### Work item
From the entries below, gather every line containing the string "name".

### Data supplied
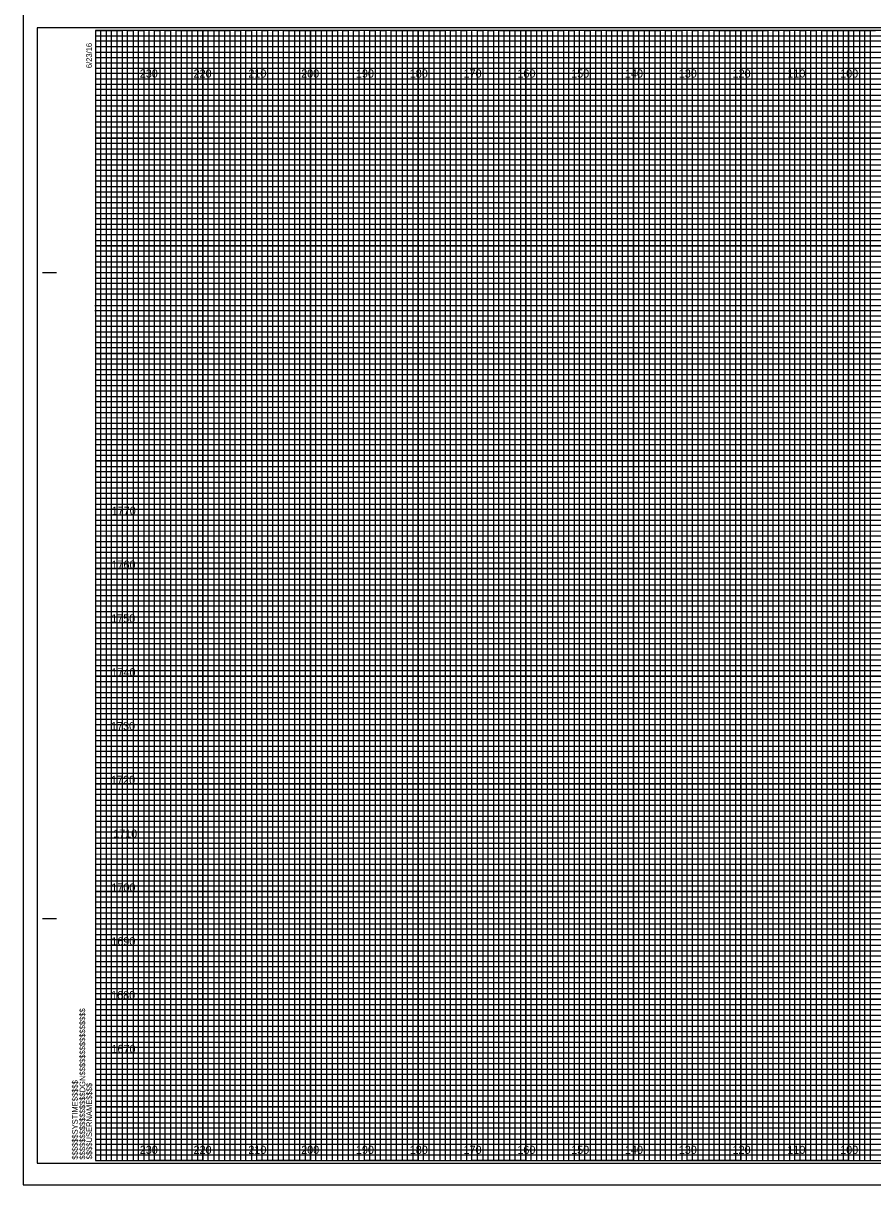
# Model space of a CAD drawing. Extents: x -13 to 1780, y -15 to 3284.
# Drawn here: x 726.7 to 884.6, y 431.6 to 647.5 of the extents above; entities that cross this region are included whole.
import ezdxf

# ---------------------------------------------------------------- set-up
doc = ezdxf.new("R2010")
doc.units = 0
for name, color, linetype in [('Prop Retaining Wall', 7, 'Continuous'), ('Prop SS Cut Line', 7, 'Continuous'), ('Prop SS Fill Line', 7, 'Continuous'), ('Prop SS Transition Line', 7, 'Continuous'), ('Prop XS Earthwork Shape', 7, 'Continuous'), ('Prop XS Noise Wall', 7, 'Continuous'), ('Prop XS Station Labels', 7, 'Continuous'), ('Raster_Level_0', 7, 'Continuous'), ('Scratch_Level_3', 7, 'Continuous'), ('Scratch_Level_7', 7, 'Continuous'), ('Typical Bridge Rail CELL', 7, 'Continuous')]:
    doc.layers.add(name, color=color, linetype=linetype)

msp = doc.modelspace()

# ---------------------------------------------------------------- linework, layer by layer
at = {"layer": 'Prop Retaining Wall'}
for p, q in [((730.26, 601.12), (732.76, 601.12)), ((730.36, 601.12), (732.86, 601.12)), ((730.26, 481.12), (732.76, 481.12)), ((730.36, 481.12), (732.86, 481.12)), ((740.06, 436.12), (740.06, 436.12)), ((740.06, 436.12), (740.06, 436.12)), ((740.06, 436.12), (740.06, 436.12)), ((740.06, 436.12), (740.06, 436.12)), ((740.06, 436.12), (740.06, 436.12)), ((740.06, 436.12), (740.06, 436.12)), ((740.06, 436.12), (740.06, 436.12))]:
    msp.add_line(p, q, dxfattribs=at)
msp.add_lwpolyline([(1060.06, 646.12), (740.06, 646.12), (740.06, 436.12), (1060.06, 436.12)], close=True, dxfattribs=at)
at = {"layer": 'Prop SS Cut Line'}
for points in [[(740.06, 646.12), (745.06, 646.12), (745.06, 436.12), (755.06, 436.12), (755.06, 646.12), (765.06, 646.12), (765.06, 436.12), (775.06, 436.12), (775.06, 646.12), (785.06, 646.12), (785.06, 436.12), (795.06, 436.12), (795.06, 646.12), (805.06, 646.12), (805.06, 436.12), (815.06, 436.12), (815.06, 646.12), (825.06, 646.12), (825.06, 436.12), (835.06, 436.12), (835.06, 646.12), (845.06, 646.12), (845.06, 436.12), (855.06, 436.12), (855.06, 646.12), (865.06, 646.12), (865.06, 436.12), (875.06, 436.12), (875.06, 646.12), (885.06, 646.12)], [(740.06, 641.12), (1015.06, 641.12)], [(740.06, 621.12), (1060.06, 621.12), (1060.06, 631.12), (740.06, 631.12)], [(740.06, 601.12), (1060.06, 601.12), (1060.06, 611.12), (740.06, 611.12)], [(740.06, 581.12), (1060.06, 581.12), (1060.06, 591.12), (740.06, 591.12)], [(740.06, 561.12), (1060.06, 561.12), (1060.06, 571.12), (740.06, 571.12)], [(740.06, 541.12), (1060.06, 541.12), (1060.06, 551.12), (740.06, 551.12)], [(740.06, 521.12), (1060.06, 521.12), (1060.06, 531.12), (740.06, 531.12)], [(740.06, 501.12), (1060.06, 501.12), (1060.06, 511.12), (740.06, 511.12)], [(740.06, 481.12), (1060.06, 481.12), (1060.06, 491.12), (740.06, 491.12)], [(740.06, 461.12), (1060.06, 461.12), (1060.06, 471.12), (740.06, 471.12)], [(740.06, 441.12), (1060.06, 441.12), (1060.06, 451.12), (740.06, 451.12)]]:
    msp.add_lwpolyline(points, dxfattribs=at)
at = {"layer": 'Prop SS Fill Line'}
for p, q in [((750.06, 646.12), (740.06, 646.12)), ((750.06, 436.12), (750.06, 646.12)), ((770.06, 646.12), (760.06, 646.12)), ((760.06, 646.12), (760.06, 436.12)), ((770.06, 436.12), (770.06, 646.12)), ((790.06, 646.12), (780.06, 646.12)), ((780.06, 646.12), (780.06, 436.12)), ((790.06, 436.12), (790.06, 646.12)), ((810.06, 646.12), (800.06, 646.12)), ((800.06, 646.12), (800.06, 436.12)), ((810.06, 436.12), (810.06, 646.12)), ((830.06, 646.12), (820.06, 646.12)), ((820.06, 646.12), (820.06, 436.12)), ((830.06, 436.12), (830.06, 646.12)), ((850.06, 646.12), (840.06, 646.12)), ((840.06, 646.12), (840.06, 436.12)), ((850.06, 436.12), (850.06, 646.12)), ((870.06, 646.12), (860.06, 646.12)), ((860.06, 646.12), (860.06, 436.12)), ((870.06, 436.12), (870.06, 646.12)), ((890.06, 646.12), (880.06, 646.12)), ((880.06, 646.12), (880.06, 436.12)), ((760.06, 436.12), (750.06, 436.12)), ((780.06, 436.12), (770.06, 436.12)), ((800.06, 436.12), (790.06, 436.12)), ((820.06, 436.12), (810.06, 436.12)), ((840.06, 436.12), (830.06, 436.12)), ((860.06, 436.12), (850.06, 436.12)), ((880.06, 436.12), (870.06, 436.12))]:
    msp.add_line(p, q, dxfattribs=at)
for points in [[(740.06, 636.12), (1060.06, 636.12), (1060.06, 626.12), (740.06, 626.12)], [(740.06, 616.12), (1060.06, 616.12), (1060.06, 606.12), (740.06, 606.12)], [(740.06, 596.12), (1060.06, 596.12), (1060.06, 586.12), (740.06, 586.12)], [(740.06, 576.12), (1060.06, 576.12), (1060.06, 566.12), (740.06, 566.12)], [(740.06, 556.12), (1060.06, 556.12), (1060.06, 546.12), (740.06, 546.12)], [(740.06, 536.12), (1060.06, 536.12), (1060.06, 526.12), (740.06, 526.12)], [(740.06, 516.12), (1060.06, 516.12), (1060.06, 506.12), (740.06, 506.12)], [(740.06, 496.12), (1060.06, 496.12), (1060.06, 486.12), (740.06, 486.12)], [(740.06, 476.12), (1060.06, 476.12), (1060.06, 466.12), (740.06, 466.12)], [(740.06, 456.12), (1060.06, 456.12), (1060.06, 446.12), (740.06, 446.12)]]:
    msp.add_lwpolyline(points, dxfattribs=at)
at = {"layer": 'Prop SS Transition Line'}
for p, q in [((740.06, 645.12), (1000.06, 645.12)), ((1000.06, 644.1), (740.06, 644.1)), ((740.06, 644.1), (740.06, 643.12)), ((740.06, 643.12), (1000.06, 643.12)), ((1000.06, 642.01), (740.06, 642.01)), ((740.06, 642.01), (740.06, 640.12)), ((740.06, 640.12), (1060.06, 640.12))]:
    msp.add_line(p, q, dxfattribs=at)
for points in [[(740.06, 639.12), (1010.06, 639.12), (1060.06, 639.12), (1060.06, 638.12), (740.06, 638.12)], [(740.06, 637.12), (1060.06, 637.12), (1060.06, 635.12), (740.06, 635.12)], [(740.06, 634.12), (1060.06, 634.12), (1060.06, 633.12), (740.06, 633.1)], [(740.06, 632.12), (1060.06, 632.12), (1060.06, 630.12), (740.06, 630.12)], [(740.06, 629.12), (1060.06, 629.12), (1060.06, 628.12), (740.06, 628.12)], [(740.06, 627.12), (1060.06, 627.12), (1060.06, 625.12), (740.06, 625.12)], [(740.06, 624.12), (1060.06, 624.12), (1060.06, 623.12), (740.06, 623.12)], [(740.06, 622.12), (1060.06, 622.12), (1060.06, 620.12), (740.06, 620.12)], [(740.06, 619.12), (1060.06, 619.12), (1060.06, 618.12), (740.06, 618.12)], [(740.06, 617.12), (1060.06, 617.12), (1060.06, 615.12), (740.06, 615.12)], [(740.06, 614.12), (1060.06, 614.12), (1060.06, 613.12), (740.06, 613.12)], [(740.06, 612.12), (1060.06, 612.12), (1060.06, 610.07), (1060.06, 609.12), (1060.06, 608.12), (740.06, 608.12)], [(740.06, 610.12), (1060.06, 610.12), (1060.06, 609.12), (740.06, 609.12)], [(740.06, 607.12), (1060.06, 607.12), (1060.06, 605.12), (740.06, 605.15)], [(740.06, 605.15), (1060.06, 605.12), (1060.06, 604.12), (740.06, 604.12)], [(740.06, 603.12), (1060.06, 603.12), (1060.06, 602.12), (740.06, 602.12)], [(740.06, 600.12), (1060.06, 600.12), (1060.06, 599.12), (740.06, 599.12)], [(740.06, 598.12), (1060.06, 598.12), (1060.06, 597.12), (740.06, 597.12)], [(739.99, 595.01), (1060.06, 595.01), (1060.06, 594), (739.99, 594)], [(740.06, 593.12), (1060.06, 593.12), (1060.06, 592.12), (740.06, 592.12)], [(740.06, 590.12), (1060.06, 590.12), (1060.06, 589.12), (740.06, 589.12)], [(740.06, 588.12), (1060.06, 588.12), (1060.06, 587.12), (740.06, 587.12)], [(740.06, 585.12), (1060.06, 585.12), (1060.06, 584.12), (740.06, 584.12)], [(740.06, 583.12), (1060.06, 583.12), (1060.06, 582.12), (740.06, 582.12)], [(740.06, 580.12), (1060.06, 580.12), (1060.06, 579.12), (740.06, 579.12)], [(740.06, 578.12), (1060.06, 578.12), (1060.06, 577.12), (740.06, 577.12)], [(740.06, 575.12), (1060.06, 575.12), (1060.05, 574.1), (740.06, 574.12)], [(740.06, 573.12), (1060.06, 573.12), (1060.06, 572.12), (740.06, 572.12)], [(740.06, 570.12), (1060.06, 570.12), (1060.06, 569.12), (740.06, 569.12)], [(740.06, 568.12), (1060.06, 568.12), (1060.06, 567.12), (740.06, 567.12)], [(740.06, 565.12), (1060.06, 565.12), (1060.06, 564.12), (740.06, 564.12)], [(740.06, 563.12), (1060.06, 563.12), (1060.06, 562.12), (740.06, 562.12)], [(740.06, 560.12), (1060.06, 560.12), (1060.06, 559.12), (740.06, 559.12)], [(740.06, 558.12), (1060.06, 558.12), (1060.06, 557.12), (740.06, 557.12)], [(740.06, 555.12), (1060.06, 555.12), (1060.06, 554.12), (740.06, 554.12)], [(740.06, 553.11), (1060.13, 553.03), (1060.06, 552.12), (740.06, 552.12)], [(740.06, 550.12), (1060.06, 550.12), (1060.06, 549.12), (740.06, 549.12)], [(740.06, 548.12), (1060.06, 548.12), (1060.06, 547.12), (740.06, 547.12)], [(740.06, 545.12), (1060.06, 545.12), (1060.06, 544.12), (740.06, 544.12)], [(740.06, 543.12), (1060.06, 543.12), (1060.06, 542.12), (740.06, 542.12)], [(740.06, 540.12), (1060.06, 540.12), (1060.06, 539.12), (740.06, 539.12)], [(740.06, 538.12), (1060.06, 538.12), (1060.06, 537.12), (740.06, 537.12)], [(740.06, 535.12), (1060.06, 535.12), (1060.06, 534.12), (740.06, 534.12)], [(740.06, 533.12), (1060.06, 533.12), (1060.06, 532.12), (740.06, 532.12)], [(740.06, 530.12), (1060.06, 530.12), (1060.06, 529.12), (740.06, 529.12)], [(740.06, 528.12), (1060.06, 528.12), (1060.06, 527.12), (740.06, 527.12)], [(740.06, 525.12), (1060.06, 525.12), (1060.06, 524.12), (740.06, 524.12)], [(740.06, 523.12), (1060.06, 523.12), (1060.06, 522.12), (740.06, 522.12)], [(740.06, 520.12), (1060.06, 520.12), (1060.06, 519.12), (740.06, 519.12)], [(740.06, 518.12), (1060.06, 518.12), (1060.06, 517.12), (740.06, 517.12)], [(740.06, 515.12), (1060.06, 515.12), (1060.05, 514.1), (740.06, 514.12)], [(740.06, 513.12), (1060.06, 513.12), (1060.06, 512.12), (740.06, 512.12)], [(740.06, 510.12), (1060.06, 510.12), (1060.06, 509.12), (740.06, 509.12)], [(740.06, 508.12), (1060.06, 508.12), (1060.06, 507.12), (740.06, 507.12)], [(740.06, 505.12), (1060.06, 505.12), (1060.06, 504.12), (740.06, 504.12)], [(740.06, 503.12), (1060.06, 503.12), (1060.06, 502.12), (740.06, 502.12)], [(740.06, 500.12), (1060.06, 500.12), (1060.06, 499.12), (740.06, 499.12)], [(740.06, 498.12), (1060.06, 498.12), (1060.06, 497.12), (740.06, 497.12)], [(740.06, 495.12), (1060.06, 495.12), (1060.06, 494.12), (740.06, 494.12)], [(740.06, 493.11), (1060.13, 493.03), (1060.06, 492.12), (740.06, 492.12)], [(740.06, 490.12), (1060.06, 490.12), (1060.06, 489.12), (740.06, 489.12)], [(740.06, 488.12), (1060.06, 488.12), (1060.06, 487.12), (740.06, 487.12)], [(740.06, 485.12), (1060.06, 485.12), (1060.06, 484.12), (740.06, 484.12)], [(740.06, 483.12), (1060.06, 483.12), (1060.06, 482.12), (740.06, 482.12)], [(740.06, 480.12), (1060.06, 480.12), (1060.06, 479.12), (740.06, 479.12)], [(740.06, 478.12), (1060.06, 478.12), (1060.06, 477.12), (740.06, 477.12)], [(740.06, 475.12), (1060.06, 475.12), (1060.06, 474.12), (740.06, 474.12)], [(740.06, 473.12), (1060.06, 473.12), (1060.06, 472.12), (740.06, 472.12)], [(740.06, 470.12), (1060.06, 470.12), (1060.06, 469.12), (740.06, 469.12)], [(740.06, 468.12), (1060.06, 468.12), (1060.06, 467.12), (740.06, 467.12)], [(740.06, 465.12), (1060.06, 465.12), (1060.06, 464.12), (740.06, 464.12)], [(740.06, 463.12), (1060.06, 463.12), (1060.06, 462.12), (740.06, 462.12)], [(740.06, 460.12), (1060.06, 460.12), (1060.06, 459.12), (740.06, 459.12)], [(740.06, 458.12), (1060.06, 458.12), (1060.06, 457.12), (740.06, 457.12)], [(740.06, 455.12), (1060.06, 455.12), (1060.06, 454.12), (740.06, 454.12)], [(740.06, 453.12), (1060.06, 453.12), (1060.06, 452.12), (740.06, 452.12)], [(740.06, 450.12), (1060.06, 450.12), (1060.06, 449.12), (740.06, 449.12)], [(740.06, 448.12), (1060.06, 448.12), (1060.06, 447.12), (740.06, 447.12)], [(740.06, 445.12), (1060.06, 445.12), (1060.06, 444.12), (740.06, 444.12)], [(740.06, 443.12), (1060.06, 443.12), (1060.06, 442.12), (740.06, 442.12)], [(740.06, 440.12), (1060.06, 440.12), (1060.06, 439.12), (740.06, 439.12)], [(740.06, 438.12), (1060.06, 438.12), (1060.06, 437.12), (740.06, 437.12)]]:
    msp.add_lwpolyline(points, dxfattribs=at)
at = {"layer": 'Prop XS Earthwork Shape'}
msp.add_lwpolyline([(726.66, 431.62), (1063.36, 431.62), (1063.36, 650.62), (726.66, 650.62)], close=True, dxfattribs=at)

### Result below
for name, color, linetype in [('Prop Retaining Wall', 7, 'Continuous'), ('Prop SS Cut Line', 7, 'Continuous'), ('Prop SS Fill Line', 7, 'Continuous'), ('Prop SS Transition Line', 7, 'Continuous'), ('Prop XS Earthwork Shape', 7, 'Continuous'), ('Prop XS Noise Wall', 7, 'Continuous'), ('Prop XS Station Labels', 7, 'Continuous'), ('Raster_Level_0', 7, 'Continuous'), ('Scratch_Level_3', 7, 'Continuous'), ('Scratch_Level_7', 7, 'Continuous'), ('Typical Bridge Rail CELL', 7, 'Continuous')]:
    doc.layers.add(name, color=color, linetype=linetype)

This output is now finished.